Deep learning models are vulnerable to adversarial attacks, where small input perturbations drastically change predictions. Existing defenses like Randomized Smoothing (RS) often compromise accuracy or only defend against small attacks. This paper tackles these issues.

The paper proposes Adaptive Randomized Smoothing (ARS), a novel defense that uses a two-step approach. The first step adapts to the input by computing an input-dependent mask, reducing the input dimension and thus noise needed for certification. The second step adds noise and makes a prediction. ARS leverages f-Differential Privacy for rigorous theoretical analysis and adaptive composition of multiple steps. Experiments on CIFAR-10, CelebA, and ImageNet show significant improvements in both standard and certified accuracy compared to existing methods.

Key Takeaways
#

Why does it matter?
#

This paper is important because it addresses the limitations of existing defenses against adversarial attacks in machine learning. It introduces Adaptive Randomized Smoothing (ARS), a novel method that significantly improves the accuracy and robustness of deep learning models. This work is particularly relevant given the increasing concerns about the vulnerability of AI systems to malicious attacks, opening new avenues for research in certified robustness and adaptive defenses.

Visual Insights
#

This figure illustrates the two-step Adaptive Randomized Smoothing (ARS) process for handling L∞-bounded adversarial attacks.
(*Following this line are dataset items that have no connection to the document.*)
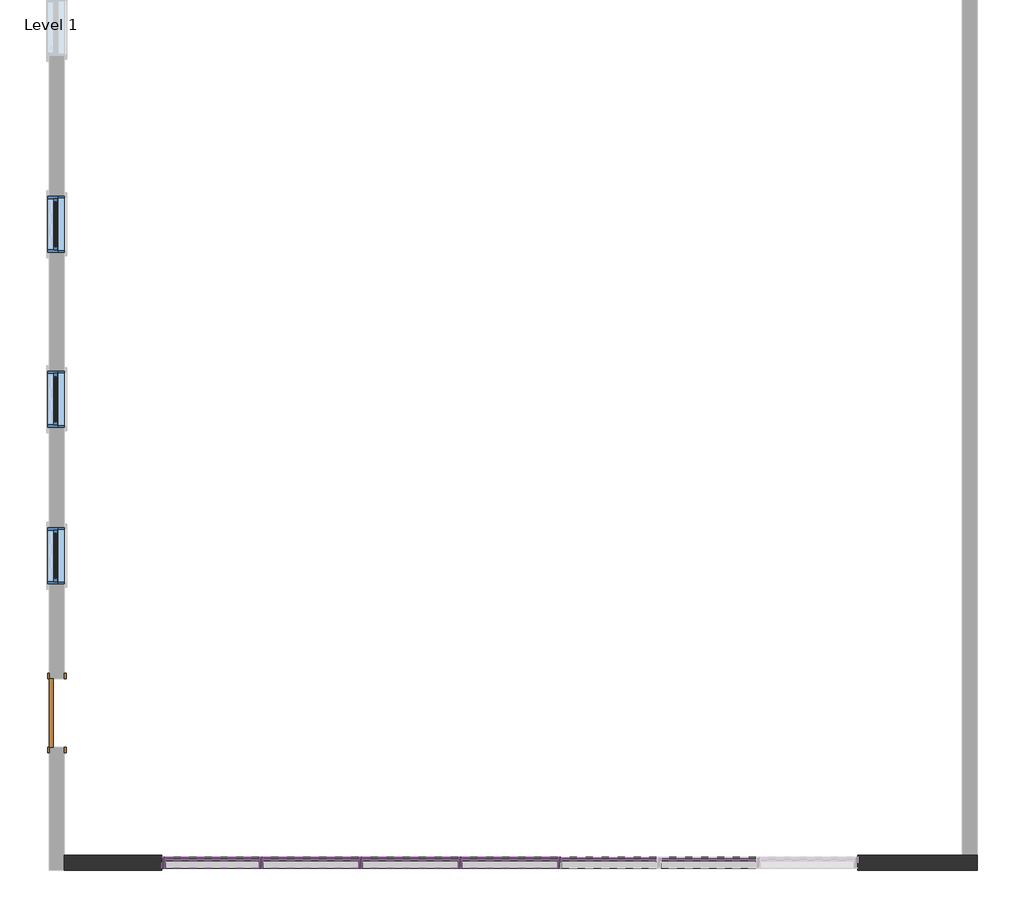
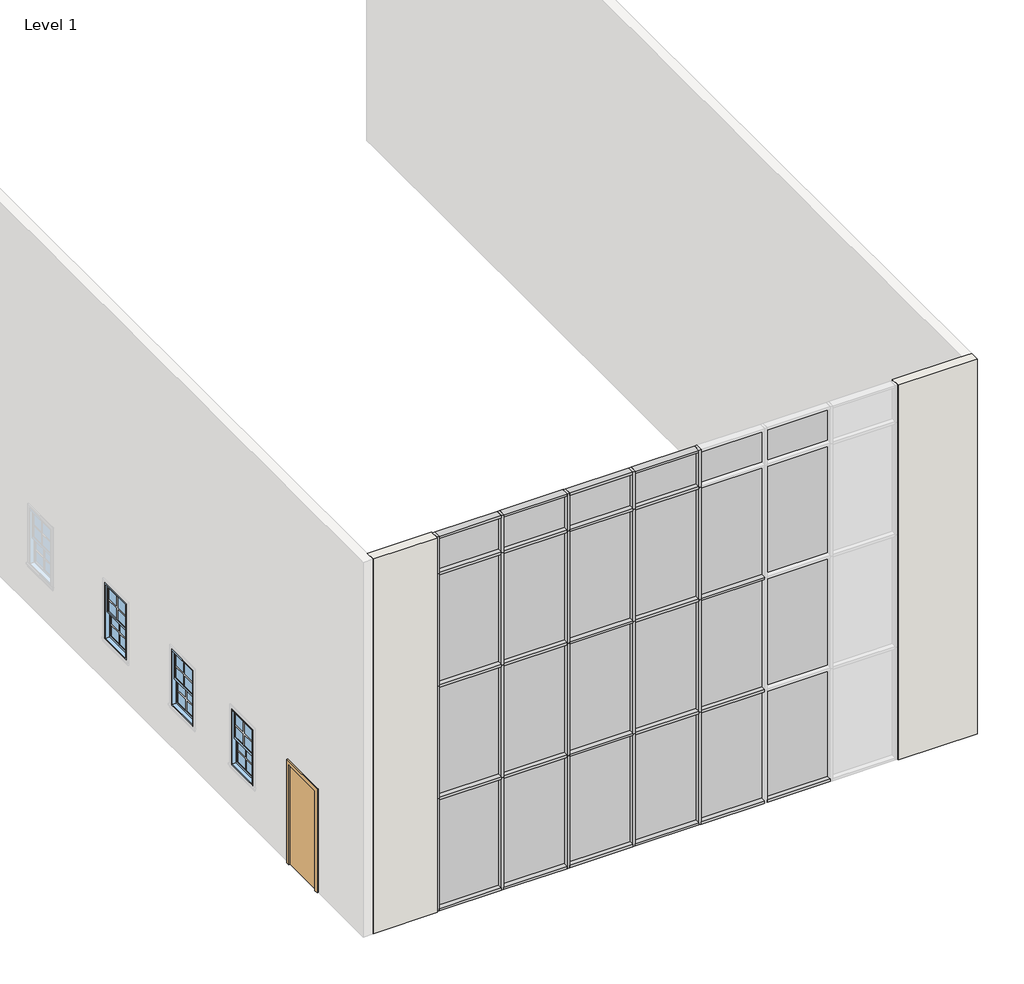
# One storey, part 1 of 2: 44 members, 24 plates, 3 windows, 1 door, 1 wall.
"""IFC4 building model written with IfcOpenShell, lengths in millimetres."""

import ifcopenshell
import ifcopenshell.guid

model = None  # the IFC model being written
_history = None  # IfcOwnerHistory: only IFC2X3 demands one
_inside = {}  # id of a spatial element -> (the spatial element, [elements in it])
_under = {}  # id of a project, library or spatial element -> (it, [spatial elements below it])
_declared = {}  # id of a project -> (the project, [libraries it declares])
_typed = {}  # id of a type object -> (the type object, [elements of that type])
_made_of = {}  # id of a material, layer set ... -> (it, [elements and type objects made of it])


def new_model(schema):
    """Start an empty IFC model of exactly this schema.

    Asked for "IFC4X3", IfcOpenShell would pick the latest addendum, in which some entities
    have other attributes; the version numbers below select the first issue.
    IFC2X3 requires an IfcOwnerHistory on every rooted entity: one is made here for all.
    """
    global model, _history
    if schema == "IFC4X3":
        model = ifcopenshell.file(schema_version=(4, 3, 0, 0))
    else:
        model = ifcopenshell.file(schema=schema)
    _inside.clear()
    _under.clear()
    _declared.clear()
    _typed.clear()
    _made_of.clear()
    _history = None
    if model.schema == "IFC2X3":
        org = make("IfcOrganization", Name="unknown")
        user = make(
            "IfcPersonAndOrganization",
            ThePerson=make("IfcPerson", FamilyName="unknown"),
            TheOrganization=org,
        )
        app = make(
            "IfcApplication",
            ApplicationDeveloper=org,
            Version="unknown",
            ApplicationFullName="unknown",
            ApplicationIdentifier="unknown",
        )
        _history = make(
            "IfcOwnerHistory",
            OwningUser=user,
            OwningApplication=app,
            ChangeAction="ADDED",
            CreationDate=0,
        )
    return model


def make(cls, **values):
    """One entity of the class cls with the attributes given. An attribute that is None is left unset."""
    return model.create_entity(
        cls, **{name: value for name, value in values.items() if value is not None}
    )


def rooted(cls, **values):
    """An entity with a GlobalId (a new one), such as an element, a storey or a relation."""
    return make(cls, GlobalId=ifcopenshell.guid.new(), OwnerHistory=_history, **values)


def si_unit(unit_type, name, prefix=None):
    """IfcSIUnit, for example si_unit("LENGTHUNIT", "METRE", prefix="MILLI")."""
    return make("IfcSIUnit", UnitType=unit_type, Prefix=prefix, Name=name)


def assignment(units):
    """IfcUnitAssignment: the units of a project."""
    return None if units is None else make("IfcUnitAssignment", Units=units)


def point(xyz):
    """IfcCartesianPoint."""
    return None if xyz is None else make("IfcCartesianPoint", Coordinates=xyz)


def direction(xyz):
    """IfcDirection."""
    return None if xyz is None else make("IfcDirection", DirectionRatios=xyz)


def frame(location, z_axis=None, x_axis=None):
    """IfcAxis2Placement3D, a coordinate frame: its origin and axes. An axis left out is left unset."""
    return make(
        "IfcAxis2Placement3D",
        Location=point(location),
        Axis=direction(z_axis),
        RefDirection=direction(x_axis),
    )


def origin():
    """The frame at (0, 0, 0) with its axes left unset."""
    return frame((0.0, 0.0, 0.0))


def origin_with_axes():
    """The frame at (0, 0, 0) with the z axis (0, 0, 1) and the x axis (1, 0, 0) written out."""
    return frame((0.0, 0.0, 0.0), z_axis=(0.0, 0.0, 1.0), x_axis=(1.0, 0.0, 0.0))


def place(relative_to, where):
    """IfcLocalPlacement: puts the frame where relative to a parent placement (None: the world)."""
    return make(
        "IfcLocalPlacement", PlacementRelTo=relative_to, RelativePlacement=where
    )


def context(
    kind, dimensions, precision=None, world=None, true_north=None, identifier=None
):
    """IfcGeometricRepresentationContext, for example the 3D "Model" context."""
    return make(
        "IfcGeometricRepresentationContext",
        ContextIdentifier=identifier,
        ContextType=kind,
        CoordinateSpaceDimension=dimensions,
        Precision=precision,
        WorldCoordinateSystem=world,
        TrueNorth=true_north,
    )


def project(units=None, contexts=None):
    """IfcProject with its units and contexts."""
    return rooted(
        "IfcProject",
        Name="project",
        RepresentationContexts=contexts,
        UnitsInContext=assignment(units),
    )


def spatial(cls, under=None, at=None, **own):
    """A site, building, storey or space (cls), placed at a placement, below another one or the project."""
    s = rooted(cls, ObjectPlacement=at, **own)
    if under is not None:
        _under.setdefault(under.id(), (under, []))[1].append(s)
    return s


def polyline(points):
    """IfcPolyline through the points."""
    return make("IfcPolyline", Points=[point(p) for p in points])


def outline(outer, holes=None, kind="AREA"):
    """IfcArbitraryClosedProfileDef: a profile drawn as a closed curve; with holes, ...WithVoids."""
    if holes is None:
        return make("IfcArbitraryClosedProfileDef", ProfileType=kind, OuterCurve=outer)
    return make(
        "IfcArbitraryProfileDefWithVoids",
        ProfileType=kind,
        OuterCurve=outer,
        InnerCurves=holes,
    )


def extrude(swept, where, along, depth):
    """IfcExtrudedAreaSolid: the profile swept, set in the frame where, extruded along a direction by depth."""
    return make(
        "IfcExtrudedAreaSolid",
        SweptArea=swept,
        Position=where,
        ExtrudedDirection=direction(along),
        Depth=depth,
    )


def faces_of(points, faces, orient=None, outer=None):
    """IfcFace entities. A face is a list of loops; a loop is a list of indices into points, from 0.

    orient and outer hold one flag for each loop. By default every Orientation is true, the
    first loop of a face is its IfcFaceOuterBound and the others are IfcFaceBound.
    """
    made = []
    for i, loops in enumerate(faces):
        bounds = []
        for j, loop in enumerate(loops):
            is_outer = j == 0 if outer is None else outer[i][j]
            bounds.append(
                make(
                    "IfcFaceOuterBound" if is_outer else "IfcFaceBound",
                    Bound=make("IfcPolyLoop", Polygon=[points[k] for k in loop]),
                    Orientation=True if orient is None else orient[i][j],
                )
            )
        made.append(make("IfcFace", Bounds=bounds))
    return made


def faceted_brep(points, faces, orient=None, outer=None, voids=None):
    """IfcFacetedBrep: a solid bounded by flat faces; with voids (closed shells), ...WithVoids."""
    shared = [point(p) for p in points]
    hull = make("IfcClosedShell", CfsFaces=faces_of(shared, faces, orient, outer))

The first step (M₁) adds noise to the input (X) and uses a mask model (w) to generate a mask based on the noisy input. This mask focuses on task-relevant information, reducing the input dimension for the next step. The second step (M₂) takes the masked input and adds further noise. Finally, a base classifier (g) processes a weighted average of the outputs from M₁ and M₂ to produce the final prediction. The standard Randomized Smoothing (RS) is a special case of this process where there is no masking step (M₁).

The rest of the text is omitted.